• [WHAT THE TASK ASKS] Exactly the lines from the start of the entries through the line with "from ifc_helpers import" are required in the output, with no pictures among them.

• [EXCERPTED DATA]
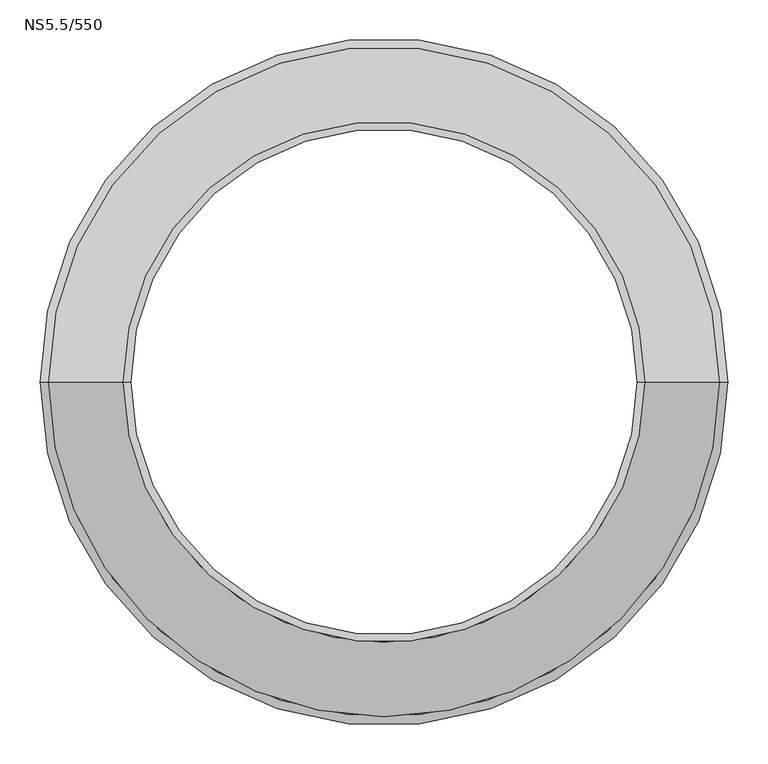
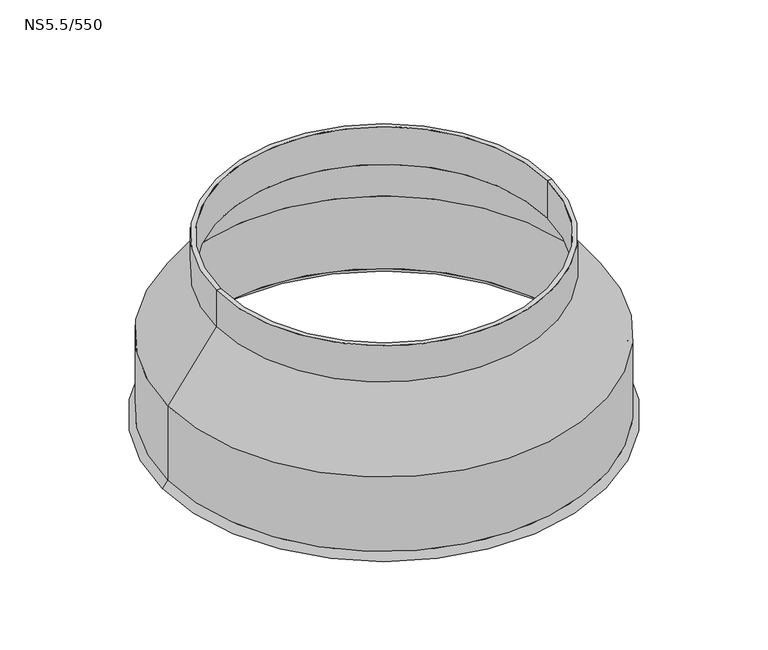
"""IFC4 building model written with IfcOpenShell, lengths in millimetres: proxy geometry, ME_PE_UN_Lipumax-PSD_ACO : NS5.5/550."""

from ifc_helpers import new_model, si_unit, frame, origin, place, context, project, spatial, polyline, circle_curve, source, transform, mapped, element, save
from ifc_brep_helpers import plane_surface, cylinder_surface, revolved_surface, advanced_brep


def ns5_5_550_801f7e5f(model_context):
    return source(origin(), model_context, "Body", "AdvancedBrep", [
        advanced_brep(
        [(-316.0, 0.0, -431.9538795), (316.0, 0.0, -431.9538795), (316.0, 0.0, -355.0), (-316.0, 0.0, -355.0), (-409.0, 0.0, -561.854905), (409.0, 0.0, -561.854905), (-409.0, 0.0, -710.271316), (409.0, 0.0, -710.271316), (-418.0, 0.0, -558.9653211), (418.0, 0.0, -558.9653211), (418.0, 0.0, -710.8907105), (-418.0, 0.0, -710.8907105), (-325.0, 0.0, -429.0642956), (325.0, 0.0, -429.0642956), (-325.0, 0.0, -355.0), (325.0, 0.0, -355.0), (-420.5197337, 0.0, -724.0), (420.5197337, 0.0, -724.0), (-429.0, 0.0, -724.0), (429.0, 0.0, -724.0)],
        [
            (0, 1, circle_curve(frame((0.0, 0.0, -431.9538795), z_axis=(0.0, 0.0, -1.0), x_axis=(1.0, 0.0, 0.0)), 316.0)),
            (1, 2),
            (2, 3, circle_curve(frame((0.0, 0.0, -355.0), z_axis=(0.0, 0.0, 1.0), x_axis=(1.0, 0.0, 0.0)), 316.0)),
            (3, 0),
            (1, 0, circle_curve(frame((0.0, 0.0, -431.9538795), z_axis=(0.0, 0.0, -1.0), x_axis=(1.0, 0.0, 0.0)), 316.0)),
            (3, 2, circle_curve(frame((0.0, 0.0, -355.0), z_axis=(0.0, 0.0, 1.0), x_axis=(1.0, 0.0, 0.0)), 316.0)),
            (4, 5, circle_curve(frame((0.0, 0.0, -561.854905), z_axis=(0.0, 0.0, -1.0), x_axis=(1.0, 0.0, 0.0)), 409.0)),
            (5, 1),
            (0, 4),
            (5, 4, circle_curve(frame((0.0, 0.0, -561.854905), z_axis=(0.0, 0.0, -1.0), x_axis=(1.0, 0.0, 0.0)), 409.0)),
            (6, 7, circle_curve(frame((0.0, 0.0, -710.271316), z_axis=(0.0, 0.0, -1.0), x_axis=(1.0, 0.0, 0.0)), 409.0)),
            (7, 5),
            (4, 6),
            (7, 6, circle_curve(frame((0.0, 0.0, -710.271316), z_axis=(0.0, 0.0, -1.0), x_axis=(1.0, 0.0, 0.0)), 409.0)),
            (8, 9, circle_curve(frame((0.0, 0.0, -558.9653211), z_axis=(0.0, 0.0, -1.0), x_axis=(1.0, 0.0, 0.0)), 418.0)),
            (9, 10),
            (10, 11, circle_curve(frame((0.0, 0.0, -710.8907105), z_axis=(0.0, 0.0, 1.0), x_axis=(1.0, 0.0, 0.0)), 418.0)),
            (11, 8),
            (9, 8, circle_curve(frame((0.0, 0.0, -558.9653211), z_axis=(0.0, 0.0, -1.0), x_axis=(1.0, 0.0, 0.0)), 418.0)),
            (11, 10, circle_curve(frame((0.0, 0.0, -710.8907105), z_axis=(0.0, 0.0, 1.0), x_axis=(1.0, 0.0, 0.0)), 418.0)),
            (12, 13, circle_curve(frame((0.0, 0.0, -429.0642956), z_axis=(0.0, 0.0, -1.0), x_axis=(1.0, 0.0, 0.0)), 325.0)),
            (13, 9),
            (8, 12),
            (13, 12, circle_curve(frame((0.0, 0.0, -429.0642956), z_axis=(0.0, 0.0, -1.0), x_axis=(1.0, 0.0, 0.0)), 325.0)),
            (14, 15, circle_curve(frame((0.0, 0.0, -355.0), z_axis=(0.0, 0.0, -1.0), x_axis=(1.0, 0.0, 0.0)), 325.0)),
            (15, 13),
            (12, 14),
            (15, 14, circle_curve(frame((0.0, 0.0, -355.0), z_axis=(0.0, 0.0, -1.0), x_axis=(1.0, 0.0, 0.0)), 325.0)),
            (16, 17, circle_curve(frame((0.0, 0.0, -724.0), z_axis=(0.0, 0.0, -1.0), x_axis=(1.0, 0.0, 0.0)), 420.5197337)),
            (17, 7),
            (6, 16),
            (17, 16, circle_curve(frame((0.0, 0.0, -724.0), z_axis=(0.0, 0.0, -1.0), x_axis=(1.0, 0.0, 0.0)), 420.5197337)),
            (18, 19, circle_curve(frame((0.0, 0.0, -724.0), z_axis=(0.0, 0.0, -1.0), x_axis=(1.0, 0.0, 0.0)), 429.0)),
            (19, 17),
            (16, 18),
            (19, 18, circle_curve(frame((0.0, 0.0, -724.0), z_axis=(0.0, 0.0, -1.0), x_axis=(1.0, 0.0, 0.0)), 429.0)),
            (10, 19),
            (18, 11),
            (2, 15),
            (14, 3),
        ],
        [
            revolved_surface(polyline([(316.0, 0.0, -355.0), (316.0, 0.0, -431.9538795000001)]), (0.0, 0.0, 307.0), (0.0, 0.0, 1.0)),
            revolved_surface(polyline([(316.0, 0.0, -431.9538795), (409.0, 0.0, -561.854905)]), (0.0, 0.0, 307.0), (0.0, 0.0, 1.0)),
            revolved_surface(polyline([(409.0, 0.0, -561.854905), (409.0, 0.0, -710.271316)]), (0.0, 0.0, 307.0), (0.0, 0.0, 1.0)),
            cylinder_surface(frame((0.0, 0.0, 307.0), z_axis=(0.0, 0.0, 1.0), x_axis=(1.0, 0.0, 0.0)), 418.0),
            revolved_surface(polyline([(418.0, 0.0, -558.9653211), (325.0, 0.0, -429.0642956)]), (0.0, 0.0, 307.0), (0.0, 0.0, 1.0)),
            cylinder_surface(frame((0.0, 0.0, 307.0), z_axis=(0.0, 0.0, 1.0), x_axis=(1.0, 0.0, 0.0)), 325.0),
            revolved_surface(polyline([(409.0, 0.0, -710.271316), (420.5197337, 0.0, -724.0)]), (0.0, 0.0, 307.0), (0.0, 0.0, 1.0)),
            plane_surface(frame((0.0, 0.0, -724.0), z_axis=(0.0, 0.0, -1.0), x_axis=(1.0, 0.0, 0.0))),
            revolved_surface(polyline([(429.0, 0.0, -724.0), (418.0, 0.0, -710.8907105)]), (0.0, 0.0, 307.0), (0.0, 0.0, 1.0)),
            plane_surface(frame((0.0, 0.0, -355.0), z_axis=(0.0, 0.0, 1.0), x_axis=(1.0, 0.0, 0.0))),
        ],
        [
            (0, [[1, 2, 3, 4]]),
            (0, [[5, -4, 6, -2]]),
            (1, [[7, 8, -1, 9]]),
            (1, [[10, -9, -5, -8]]),
            (2, [[11, 12, -7, 13]]),
            (2, [[14, -13, -10, -12]]),
            (3, [[15, 16, 17, 18]]),
            (3, [[19, -18, 20, -16]]),
            (4, [[21, 22, -15, 23]]),
            (4, [[24, -23, -19, -22]]),
            (5, [[25, 26, -21, 27]]),
            (5, [[28, -27, -24, -26]]),
            (6, [[29, 30, -11, 31]]),
            (6, [[32, -31, -14, -30]]),
            (7, [[33, 34, -29, 35]]),
            (7, [[36, -35, -32, -34]]),
            (8, [[-17, 37, -33, 38]]),
            (8, [[-20, -38, -36, -37]]),
            (9, [[-3, 39, -25, 40]]),
            (9, [[-6, -40, -28, -39]]),
        ],
    ),
    ])


if __name__ == "__main__":
    model = new_model("IFC4")
    model_context = context("Model", 3, world=origin())
    ifc_project = project(units=[si_unit("LENGTHUNIT", "METRE", prefix="MILLI")], contexts=[model_context])
    site = spatial("IfcSite", under=ifc_project)
    building = spatial("IfcBuilding", under=site)
    placement = place(None, origin())
    ns5_5_550_shape = ns5_5_550_801f7e5f(model_context)
    element("IfcBuildingElementProxy", 1, Name="ME_PE_UN_Lipumax-PSD_ACO : NS5.5/550", ObjectType="ME_PE_UN_Lipumax-PSD_ACO : NS5.5/550", at=placement, inside=building, context=model_context, shape_type="MappedRepresentation", body=[
        mapped(ns5_5_550_shape, transform((0.0, 0.0, 0.0), x_axis=(1.0, 0.0, 0.0), y_axis=(0.0, 1.0, 0.0), z_axis=(0.0, 0.0, 1.0))),
    ])
    save(model, "model.ifc")

• [WORKED SOLUTION]
"""IFC4 building model written with IfcOpenShell, lengths in millimetres: proxy geometry, ME_PE_UN_Lipumax-PSD_ACO : NS5.5/550."""

from ifc_helpers import new_model, si_unit, frame, origin, place, context, project, spatial, polyline, circle_curve, source, transform, mapped, element, save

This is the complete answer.